▶ _INSTRUCTIONS FOR THE TASK_:
Write out every record below exactly as it stands, leaving the pictures out.

▶ _INPUT RECORDS_:
-- Opening Marker --
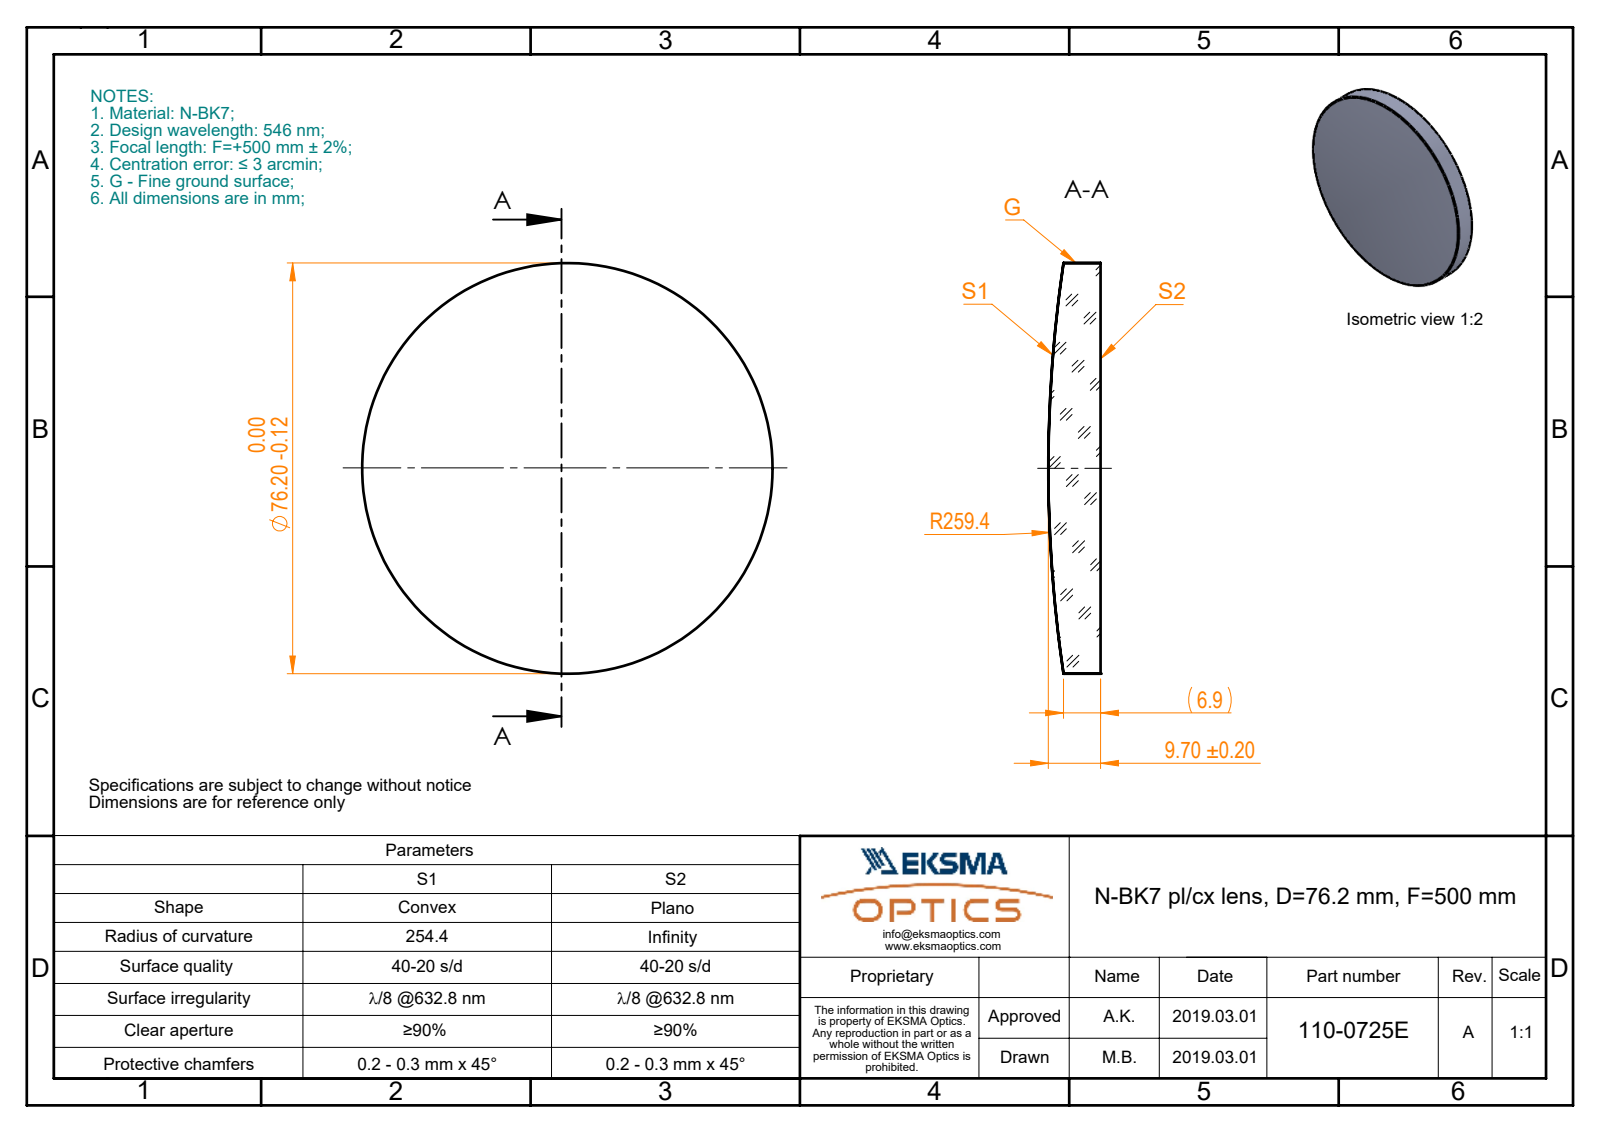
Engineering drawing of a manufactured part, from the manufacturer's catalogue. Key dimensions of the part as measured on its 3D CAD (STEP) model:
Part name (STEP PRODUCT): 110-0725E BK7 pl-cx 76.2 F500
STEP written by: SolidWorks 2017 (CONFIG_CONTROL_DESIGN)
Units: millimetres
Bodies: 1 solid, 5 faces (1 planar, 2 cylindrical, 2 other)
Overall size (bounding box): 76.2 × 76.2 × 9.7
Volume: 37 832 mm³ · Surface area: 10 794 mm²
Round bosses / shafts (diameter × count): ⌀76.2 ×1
-- Closing Marker --
▶ _YOUR SOLUTION_:
Engineering drawing of a manufactured part, from the manufacturer's catalogue. Key dimensions of the part as measured on its 3D CAD (STEP) model:
Part name (STEP PRODUCT): 110-0725E BK7 pl-cx 76.2 F500
STEP written by: SolidWorks 2017 (CONFIG_CONTROL_DESIGN)
Units: millimetres
Bodies: 1 solid, 5 faces (1 planar, 2 cylindrical, 2 other)
Overall size (bounding box): 76.2 × 76.2 × 9.7
Volume: 37 832 mm³ · Surface area: 10 794 mm²
Round bosses / shafts (diameter × count): ⌀76.2 ×1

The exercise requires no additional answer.